Which lines below contain the word "close"? Copy each of them.

── Supplied information ──

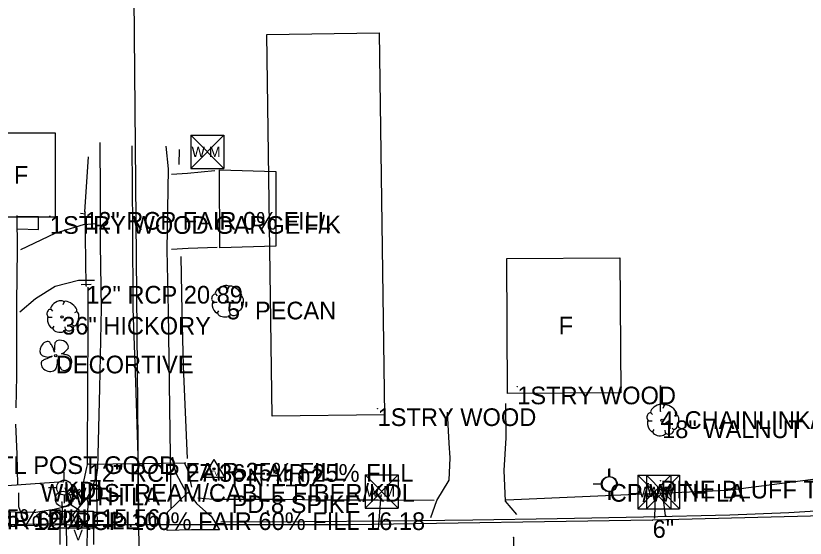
# Model space of a CAD drawing. Extents: x 1304270 to 1306561, y 1876019 to 1876752.
# Drawn here: x 1305592.5 to 1305816.1, y 1876418.6 to 1876566.4 of the extents above; entities that cross this region are included whole.
import ezdxf

# ---------------------------------------------------------------- set-up
doc = ezdxf.new("R2010")
doc.units = 0
for name, color, linetype in [('S_BUILDING', 7, 'Continuous'), ('S_BUILDING_ANNOT', 7, 'Continuous'), ('S_CROSS_DRAIN', 7, 'Continuous'), ('S_CROSS_DRAIN_ANNOT', 7, 'Continuous'), ('S_DITCHLINE', 7, 'Continuous'), ('S_DRG_PT_SYM', 7, 'Continuous'), ('S_DRIVEWAY', 7, 'Continuous'), ('S_EDGE_CONCRETE', 7, 'Continuous'), ('S_EDGE_PAVEMENT', 7, 'Continuous'), ('S_FENCE', 7, 'Continuous'), ('S_FENCE_ANNOT', 7, 'Continuous'), ('S_FIBER_OPTIC_CABLE', 7, 'Continuous'), ('S_FIBER_OPTIC_CABLE_ANNOT', 7, 'Continuous'), ('S_HEADWALL', 7, 'Continuous'), ('S_MISC_STRUCTURES_ANNOT', 7, 'Continuous'), ('S_MSC_PT_SYM', 7, 'Continuous'), ('S_PAVEMENT_CROWN', 7, 'Continuous'), ('S_SANITARY_SEWER', 7, 'Continuous'), ('S_SECONDARY_CTL', 7, 'Continuous'), ('S_SECONDARY_CTL_ANNOT', 7, 'Continuous'), ('S_SHOULDER', 7, 'Continuous'), ('S_SIDE_DRAIN', 7, 'Continuous'), ('S_SIDE_DRAIN_ANNOT', 7, 'Continuous'), ('S_STR_PT_SYM', 7, 'Continuous'), ('S_SURVEY_TEXT_ANNOT', 7, 'Continuous'), ('S_TREE', 7, 'Continuous'), ('S_TREE_ANNOT', 7, 'Continuous'), ('S_UTILITY_POLE', 7, 'Continuous'), ('S_UTILITY_POLE_ANNOT', 7, 'Continuous'), ('S_UTL_PT_SYM', 7, 'Continuous'), ('S_WATER_UTILITIES', 7, 'Continuous'), ('S_WATER_UTILITIES_ANNOT', 7, 'Continuous')]:
    doc.layers.add(name, color=color, linetype=linetype)

msp = doc.modelspace()

# ---------------------------------------------------------------- linework, layer by layer
at = {"layer": 'S_BUILDING'}
for points in [[(1305695.38, 1876561.55), (1305696.88, 1876453.53), (1305665.14, 1876453.09), (1305663.64, 1876561.11)], [(1305583.2, 1876509.43), (1305583.21, 1876533.31), (1305603.68, 1876533.3), (1305603.67, 1876509.42)], [(1305731.79, 1876459.52), (1305731.52, 1876497.69), (1305763.57, 1876497.91), (1305763.84, 1876459.75)]]:
    msp.add_lwpolyline(points, close=True, dxfattribs=at)
at = {"layer": 'S_CROSS_DRAIN'}
msp.add_line((1305613.16, 1876439.55), (1305640.51, 1876439.91), dxfattribs=at)
at = {"layer": 'S_DITCHLINE'}
for points in [[(1305638.83, 1876528.57), (1305638.7, 1876524.33)], [(1305613.05, 1876526.51), (1305612, 1876510.94)], [(1305641.11, 1876441.17), (1305640.57, 1876454.2), (1305640.03, 1876467.24), (1305639.68, 1876482.75), (1305639.32, 1876498.26)], [(1305612.93, 1876489.58), (1305612.88, 1876476.34), (1305612.84, 1876463.1), (1305612.69, 1876440.08), (1305612.73, 1876439.33), (1305612.59, 1876438.62), (1305611.2, 1876432.5), (1305607.35, 1876427.64), (1305603.4, 1876426.75), (1305597.6, 1876425.74)], [(1305642.36, 1876433.06), (1305641.55, 1876437.08), (1305640.82, 1876438.78), (1305640.27, 1876439.83)]]:
    msp.add_lwpolyline(points, dxfattribs=at)
at = {"layer": 'S_DRG_PT_SYM'}
for points in [[(1305612.13, 1876510.88), (1305612.13, 1876510.93), (1305612.13, 1876510.88), (1305612.08, 1876510.88), (1305612.13, 1876510.88), (1305612.13, 1876510.83), (1305612.13, 1876510.88), (1305612.18, 1876510.88)], [(1305612.46, 1876489.97), (1305612.46, 1876490.02), (1305612.46, 1876489.97), (1305612.41, 1876489.97), (1305612.46, 1876489.97), (1305612.46, 1876489.92), (1305612.46, 1876489.97), (1305612.51, 1876489.97)], [(1305613.16, 1876439.55), (1305613.16, 1876439.6), (1305613.16, 1876439.55), (1305613.11, 1876439.55), (1305613.16, 1876439.55), (1305613.16, 1876439.5), (1305613.16, 1876439.55), (1305613.21, 1876439.55)], [(1305640.51, 1876439.91), (1305640.51, 1876439.96), (1305640.51, 1876439.91), (1305640.45, 1876439.91), (1305640.51, 1876439.91), (1305640.51, 1876439.86), (1305640.51, 1876439.91), (1305640.55, 1876439.91)], [(1305597.54, 1876425.9), (1305597.54, 1876425.95), (1305597.54, 1876425.9), (1305597.49, 1876425.9), (1305597.54, 1876425.9), (1305597.54, 1876425.85), (1305597.54, 1876425.9), (1305597.59, 1876425.9)]]:
    msp.add_lwpolyline(points, dxfattribs=at)
at = {"layer": 'S_DRIVEWAY'}
for points in [[(1305636.66, 1876521.54), (1305641.19, 1876521.88), (1305648.89, 1876522.59)], [(1305592.81, 1876509.9), (1305592.9, 1876500.39), (1305592.75, 1876485.12), (1305592.69, 1876464.5), (1305592.57, 1876455.51)], [(1305615.59, 1876507.51), (1305611.6, 1876507.24), (1305603.57, 1876504.81), (1305593.84, 1876500.18)], [(1305649.51, 1876500.8), (1305641.33, 1876500.55), (1305636.59, 1876500.27)], [(1305593.7, 1876482.62), (1305598.08, 1876486.44), (1305603.65, 1876489.87), (1305610.31, 1876491.59), (1305614.82, 1876491.57)], [(1305731.16, 1876456.66), (1305731.24, 1876447.02), (1305730.68, 1876437.76), (1305731.09, 1876429.06), (1305734.27, 1876425.27)], [(1305710.05, 1876424.49), (1305711.72, 1876429.21), (1305715.2, 1876434.98), (1305715.56, 1876441.35), (1305715.25, 1876445.5), (1305714.78, 1876454.23)], [(1305593.07, 1876433.69), (1305592.9, 1876442.34), (1305592.55, 1876450.85)], [(1305593.28, 1876431.42), (1305593.25, 1876427.54), (1305594.59, 1876423.91)]]:
    msp.add_lwpolyline(points, dxfattribs=at)
msp.add_lwpolyline([(1305650.18, 1876522.79), (1305666.13, 1876522.32), (1305666.14, 1876501.23), (1305650.34, 1876500.78)], close=True, dxfattribs=at)
at = {"layer": 'S_EDGE_CONCRETE'}
for points in [[(1305592.99, 1876506.09), (1305598.91, 1876505.92), (1305598.98, 1876509.5), (1305592.97, 1876509.58)], [(1305606.95, 1876415.73), (1305606.84, 1876422.83), (1305609.75, 1876426.4), (1305612.13, 1876429.33), (1305612.55, 1876429.88), (1305612.9, 1876428.9), (1305612.8, 1876425.2), (1305612.7, 1876421.97), (1305612.68, 1876415.16)]]:
    msp.add_lwpolyline(points, dxfattribs=at)
msp.add_lwpolyline([(1305650.19, 1876420.99), (1305642.3, 1876420.97), (1305635.39, 1876420.81), (1305635.48, 1876425.93), (1305641.29, 1876431.6), (1305643.69, 1876428.4), (1305646.34, 1876426.01), (1305647.82, 1876424.84)], close=True, dxfattribs=at)
at = {"layer": 'S_EDGE_PAVEMENT'}
for points in [[(1305615.62, 1876422.51), (1305615.36, 1876435.81), (1305615.78, 1876438.51), (1305616.3, 1876461.07), (1305616.83, 1876483.63), (1305616.55, 1876501.66), (1305616.47, 1876516.12), (1305616.39, 1876530.58)], [(1305636.55, 1876427.14), (1305636.35, 1876441.93), (1305636.05, 1876462.38), (1305635.75, 1876482.84), (1305635.35, 1876500.2), (1305635.78, 1876523.1), (1305635.13, 1876529.49)], [(1305640.77, 1876431.64), (1305639.41, 1876434.05), (1305637.97, 1876436.91), (1305637.33, 1876439), (1305636.97, 1876441.52)], [(1305612.66, 1876429.78), (1305614.03, 1876432.44), (1305615.18, 1876435.69)], [(1305650.55, 1876423.21), (1305674.32, 1876423.35), (1305698.09, 1876423.48), (1305721.97, 1876423.8), (1305745.85, 1876424.12), (1305770.29, 1876424.67), (1305794.74, 1876425.23), (1305811.42, 1876425.85), (1305825.07, 1876426.72), (1305843.96, 1876426.78), (1305860.03, 1876426.98), (1305876.09, 1876427.18), (1305883.24, 1876427.59), (1305898.06, 1876427.36), (1305904.05, 1876427.05), (1305918.23, 1876426.76), (1305933.32, 1876426.78)], [(1305388.38, 1876420.94), (1305412.9, 1876420.99), (1305437.42, 1876421.04), (1305451.62, 1876420.93), (1305465.15, 1876420.97), (1305478.67, 1876421.01), (1305492.19, 1876421.05), (1305505.71, 1876421.09), (1305520.11, 1876421.2), (1305523.54, 1876421.95), (1305534.76, 1876421.53), (1305559.32, 1876421.96), (1305583.88, 1876422.38), (1305606.66, 1876422.73)], [(1305612.81, 1876422.22), (1305627.2, 1876422.52), (1305635.24, 1876422.4)]]:
    msp.add_lwpolyline(points, dxfattribs=at)
at = {"layer": 'S_FENCE'}
msp.add_line((1305775.05, 1876454.52), (1305775.11, 1876461.74), dxfattribs=at)
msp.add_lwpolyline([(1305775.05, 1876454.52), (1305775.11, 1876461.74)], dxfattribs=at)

───

:: Final answer ::
    msp.add_lwpolyline(points, close=True, dxfattribs=at)
msp.add_lwpolyline([(1305650.18, 1876522.79), (1305666.13, 1876522.32), (1305666.14, 1876501.23), (1305650.34, 1876500.78)], close=True, dxfattribs=at)
msp.add_lwpolyline([(1305650.19, 1876420.99), (1305642.3, 1876420.97), (1305635.39, 1876420.81), (1305635.48, 1876425.93), (1305641.29, 1876431.6), (1305643.69, 1876428.4), (1305646.34, 1876426.01), (1305647.82, 1876424.84)], close=True, dxfattribs=at)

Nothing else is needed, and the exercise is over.